O índice de massa corporal (IMC) corresponde a uma fórmula dada pelo peso a dividir pela altura ao quadrado,
sendo uma relação matemática. É uma equação que não traduz mais do que o peso e a altura. No entanto, a altura
e a estatura do idoso não é igual à do adulto devido, por exemplo, a cifose dorsal. Este IMC, um dos fatores de
maior risco de doença cardiovascular, no idoso pode não ter o mesmo significado. Acabou por ser demonstrado
que, quando os idosos têm um IMC entre 25 e 30 (considerado excesso de peso), na verdade parece que têm menos
mortalidade, podendo dizer que o excesso de peso é um fator protetor. Isto altera o paradigma do IMC, sendo
necessário um ajuste.

Na verdade, os indivíduos que tinham um IMC acima de 30 foram aqueles que sobreviveram mais tempo. Isto
acontece porque dois indivíduos podem ter a mesma altura e o mesmo peso, tendo assim o mesmo IMC, mas não
têm o mesmo risco cardiovascular, havendo maior risco num obeso do que num idoso.
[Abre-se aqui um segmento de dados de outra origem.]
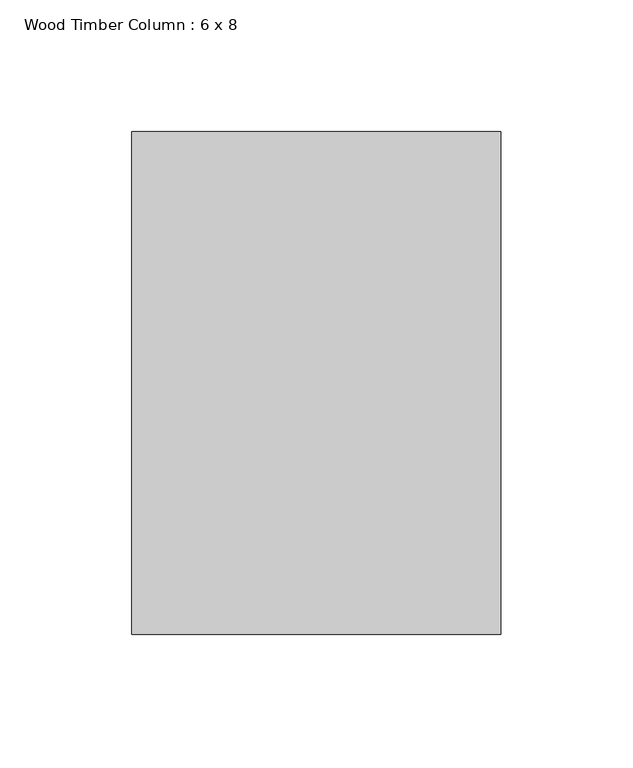
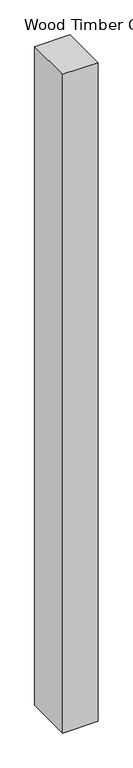
"""IFC4 building model written with IfcOpenShell, lengths in millimetres: column geometry, Wood Timber Column : 6 x 8."""

import ifcopenshell
import ifcopenshell.guid

model = None  # the IFC model being written
_history = None  # IfcOwnerHistory: only IFC2X3 demands one
_inside = {}  # id of a spatial element -> (the spatial element, [elements in it])
_under = {}  # id of a project, library or spatial element -> (it, [spatial elements below it])
_declared = {}  # id of a project -> (the project, [libraries it declares])
_typed = {}  # id of a type object -> (the type object, [elements of that type])
_made_of = {}  # id of a material, layer set ... -> (it, [elements and type objects made of it])


def new_model(schema):
    """Start an empty IFC model of exactly this schema.

    Asked for "IFC4X3", IfcOpenShell would pick the latest addendum, in which some entities
    have other attributes; the version numbers below select the first issue.
    IFC2X3 requires an IfcOwnerHistory on every rooted entity: one is made here for all.
    """
    global model, _history
    if schema == "IFC4X3":
        model = ifcopenshell.file(schema_version=(4, 3, 0, 0))
    else:
        model = ifcopenshell.file(schema=schema)
    _inside.clear()
    _under.clear()
    _declared.clear()
    _typed.clear()
    _made_of.clear()
    _history = None
    if model.schema == "IFC2X3":
        org = make("IfcOrganization", Name="unknown")
        user = make(
            "IfcPersonAndOrganization",
            ThePerson=make("IfcPerson", FamilyName="unknown"),
            TheOrganization=org,
        )
        app = make(
            "IfcApplication",
            ApplicationDeveloper=org,
            Version="unknown",
            ApplicationFullName="unknown",
            ApplicationIdentifier="unknown",
        )
        _history = make(
            "IfcOwnerHistory",
            OwningUser=user,
            OwningApplication=app,
            ChangeAction="ADDED",
            CreationDate=0,
        )
    return model


def make(cls, **values):
    """One entity of the class cls with the attributes given. An attribute that is None is left unset."""
    return model.create_entity(
        cls, **{name: value for name, value in values.items() if value is not None}
    )


def rooted(cls, **values):
    """An entity with a GlobalId (a new one), such as an element, a storey or a relation."""
    return make(cls, GlobalId=ifcopenshell.guid.new(), OwnerHistory=_history, **values)


def si_unit(unit_type, name, prefix=None):
    """IfcSIUnit, for example si_unit("LENGTHUNIT", "METRE", prefix="MILLI")."""
    return make("IfcSIUnit", UnitType=unit_type, Prefix=prefix, Name=name)


def assignment(units):
    """IfcUnitAssignment: the units of a project."""
    return None if units is None else make("IfcUnitAssignment", Units=units)


def point(xyz):
    """IfcCartesianPoint."""
    return None if xyz is None else make("IfcCartesianPoint", Coordinates=xyz)


def direction(xyz):
    """IfcDirection."""
    return None if xyz is None else make("IfcDirection", DirectionRatios=xyz)


def frame(location, z_axis=None, x_axis=None):
    """IfcAxis2Placement3D, a coordinate frame: its origin and axes. An axis left out is left unset."""
    return make(
        "IfcAxis2Placement3D",
        Location=point(location),
        Axis=direction(z_axis),
        RefDirection=direction(x_axis),
    )


def origin():
    """The frame at (0, 0, 0) with its axes left unset."""
    return frame((0.0, 0.0, 0.0))


def place(relative_to, where):
    """IfcLocalPlacement: puts the frame where relative to a parent placement (None: the world)."""
    return make(
        "IfcLocalPlacement", PlacementRelTo=relative_to, RelativePlacement=where
    )


def context(
    kind, dimensions, precision=None, world=None, true_north=None, identifier=None
):
    """IfcGeometricRepresentationContext, for example the 3D "Model" context."""
    return make(
        "IfcGeometricRepresentationContext",
        ContextIdentifier=identifier,
        ContextType=kind,
        CoordinateSpaceDimension=dimensions,
        Precision=precision,
        WorldCoordinateSystem=world,
        TrueNorth=true_north,
    )


def project(units=None, contexts=None):
    """IfcProject with its units and contexts."""
    return rooted(
        "IfcProject",
        Name="project",
        RepresentationContexts=contexts,
        UnitsInContext=assignment(units),
    )


def spatial(cls, under=None, at=None, **own):
    """A site, building, storey or space (cls), placed at a placement, below another one or the project."""
    s = rooted(cls, ObjectPlacement=at, **own)
    if under is not None:
        _under.setdefault(under.id(), (under, []))[1].append(s)
    return s


def polyline(points):
    """IfcPolyline through the points."""
    return make("IfcPolyline", Points=[point(p) for p in points])


def outline(outer, holes=None, kind="AREA"):
    """IfcArbitraryClosedProfileDef: a profile drawn as a closed curve; with holes, ...WithVoids."""
    if holes is None:
        return make("IfcArbitraryClosedProfileDef", ProfileType=kind, OuterCurve=outer)
    return make(
        "IfcArbitraryProfileDefWithVoids",
        ProfileType=kind,
        OuterCurve=outer,
        InnerCurves=holes,
    )


def extrude(swept, where, along, depth):
    """IfcExtrudedAreaSolid: the profile swept, set in the frame where, extruded along a direction by depth."""
    return make(
        "IfcExtrudedAreaSolid",
        SweptArea=swept,
        Position=where,
        ExtrudedDirection=direction(along),
        Depth=depth,
    )


def shape(context_of_items, identifier, shape_type, items):
    """IfcShapeRepresentation: the items that make up one representation, for example the "Body"."""
    return make(
        "IfcShapeRepresentation",
        ContextOfItems=context_of_items,
        RepresentationIdentifier=identifier,
        RepresentationType=shape_type,
        Items=items,
    )


def source(mapping_origin, context_of_items, identifier, shape_type, items):
    """IfcRepresentationMap: a shape defined once, which mapped items show again and again."""
    return make(
        "IfcRepresentationMap",
        MappingOrigin=mapping_origin,
        MappedRepresentation=shape(context_of_items, identifier, shape_type, items),
    )


def transform(
    local_origin,
    x_axis=None,
    y_axis=None,
    z_axis=None,
    scale=None,
    scale2=None,
    scale3=None,
    uniform=True,
):
    """IfcCartesianTransformationOperator3D, or its non-uniform kind. x_axis, y_axis, z_axis: its Axis1, 2, 3."""
    if uniform:
        return make(
            "IfcCartesianTransformationOperator3D",
            Axis1=direction(x_axis),
            Axis2=direction(y_axis),
            LocalOrigin=point(local_origin),
            Scale=scale,
            Axis3=direction(z_axis),
        )
    return make(
        "IfcCartesianTransformationOperator3DnonUniform",
        Axis1=direction(x_axis),
        Axis2=direction(y_axis),
        LocalOrigin=point(local_origin),
        Scale=scale,
        Axis3=direction(z_axis),
        Scale2=scale2,
        Scale3=scale3,
    )


def mapped(mapping_source, mapping_target):
    """IfcMappedItem: shows the shape of a source again, moved by a transform."""
    return make(
        "IfcMappedItem", MappingSource=mapping_source, MappingTarget=mapping_target
    )


def made_of(thing, what):
    """Note that an element or type object is made of a material, layer set ...; save() writes the relation."""
    if what is not None:
        _made_of.setdefault(what.id(), (what, []))[1].append(thing)
    return thing


def element(
    cls,
    number,
    at=None,
    inside=None,
    cuts=None,
    type_object=None,
    material=None,
    context=None,
    identifier="Body",
    shape_type=None,
    held_by="IfcProductDefinitionShape",
    body=None,
    shapes=None,
    **own,
):
    """One element of the class cls, such as IfcWall. Its Tag is "e" and its number.

    at: its placement. inside: the storey or other place that contains it. cuts: it is an
    opening in that element (IfcRelVoidsElement). A single representation is given by context,
    identifier, shape_type and body (its items); several are given by shapes. held_by: the class
    of the entity that holds the representations. save() writes the other relations.
    """
    e = rooted(cls, Tag="e%d" % number, ObjectPlacement=at, **own)
    if body is not None:
        shapes = [shape(context, identifier, shape_type, body)]
    if shapes is not None:
        e.Representation = make(held_by, Representations=shapes)
    if inside is not None:
        _inside.setdefault(inside.id(), (inside, []))[1].append(e)
    if cuts is not None:
        rooted(
            "IfcRelVoidsElement", RelatingBuildingElement=cuts, RelatedOpeningElement=e
        )
    if type_object is not None:
        _typed.setdefault(type_object.id(), (type_object, []))[1].append(e)
    return made_of(e, material)


def aggregate(whole, parts):
    """IfcRelAggregates: a whole, such as a stair, and the parts it consists of."""
    return rooted("IfcRelAggregates", RelatingObject=whole, RelatedObjects=parts)


def save(model, path):
    """Write the relations noted so far, then the file.

    IfcRelAggregates (storeys below a building ...), IfcRelContainedInSpatialStructure (elements
    in a storey), IfcRelDefinesByType, IfcRelAssociatesMaterial and IfcRelDeclares: one each for
    every whole, place, type object, material and project.
    """
    for whole, parts in _under.values():
        aggregate(whole, parts)
    for where, things in _inside.values():
        rooted(
            "IfcRelContainedInSpatialStructure",
            RelatedElements=things,
            RelatingStructure=where,
        )
    for kind, things in _typed.values():
        rooted("IfcRelDefinesByType", RelatedObjects=things, RelatingType=kind)
    for what, things in _made_of.values():
        rooted("IfcRelAssociatesMaterial", RelatedObjects=things, RelatingMaterial=what)
    for by, libraries in _declared.values():
        rooted("IfcRelDeclares", RelatingContext=by, RelatedDefinitions=libraries)
    model.write(path)


def wood_timber_column_6_x_8_dc19652e(model_context):
    return source(origin(), model_context, "Body", "SweptSolid", [
        extrude(outline(polyline([(69.85, -95.25), (-69.85, -95.25), (-69.85, 95.25), (69.85, 95.25), (69.85, -95.25)])), frame((0.0, 0.0, 2743.2), z_axis=(0.0, 0.0, 1.0), x_axis=(1.0, 0.0, 0.0)), (0.0, 0.0, 1.0), 2743.2),
    ])


if __name__ == "__main__":
    model = new_model("IFC4")
    model_context = context("Model", 3, world=origin())
    ifc_project = project(units=[si_unit("LENGTHUNIT", "METRE", prefix="MILLI")], contexts=[model_context])
    site = spatial("IfcSite", under=ifc_project)
    building = spatial("IfcBuilding", under=site)
    placement = place(None, origin())
    wood_timber_column_6_x_8_shape = wood_timber_column_6_x_8_dc19652e(model_context)
    element("IfcColumn", 1, ObjectType="Wood Timber Column : 6 x 8", at=placement, inside=building, context=model_context, shape_type="MappedRepresentation", body=[
        mapped(wood_timber_column_6_x_8_shape, transform((0.0, 0.0, 0.0), x_axis=(1.0, 0.0, 0.0), y_axis=(0.0, 1.0, 0.0), z_axis=(0.0, 0.0, 1.0))),
    ])
    save(model, "model.ifc")

# Revit data of these elements
# Type "Wood Timber Column : 6 x 8"
#   Assembly Code = "B1010200"
#   Depth = 0' - 7 1/2"
#   Width = 0' - 5 1/2"
#   Material = Softwood, Lumber (1)
# Element 1 (IfcColumn, "Wood Timber Column : 6 x 8")
#   Materials on its faces: "Softwood, Lumber (1)"
# Materials
#   "Softwood, Lumber (1)": class "Wood", colour RGB 234 198 147, transparency 0, Description = "Pinus Echinata", Cost = 0

Não somos apenas uma
equação matemática, temos de ter em conta também a composição corporal do indivíduo e outros aspectos como
o aumento da massa gorda e a diminuição da massa magra no idoso e as alterações de estatura. Assim, se há a
alteração destes componentes, não devemos usar os mesmos limites que usamos nos jovens e nos adultos, sendo
então necessário diferentes pontos de corte no IMC. Abaixo do valor 22 de IMC no idoso temos desnutrição e o
intervalo correspondente a excesso de peso passa a ser mais pequeno. Segundo o Seneca Study, a perda de peso
ameaça mais a sobrevivência do idoso do que o ganho de peso.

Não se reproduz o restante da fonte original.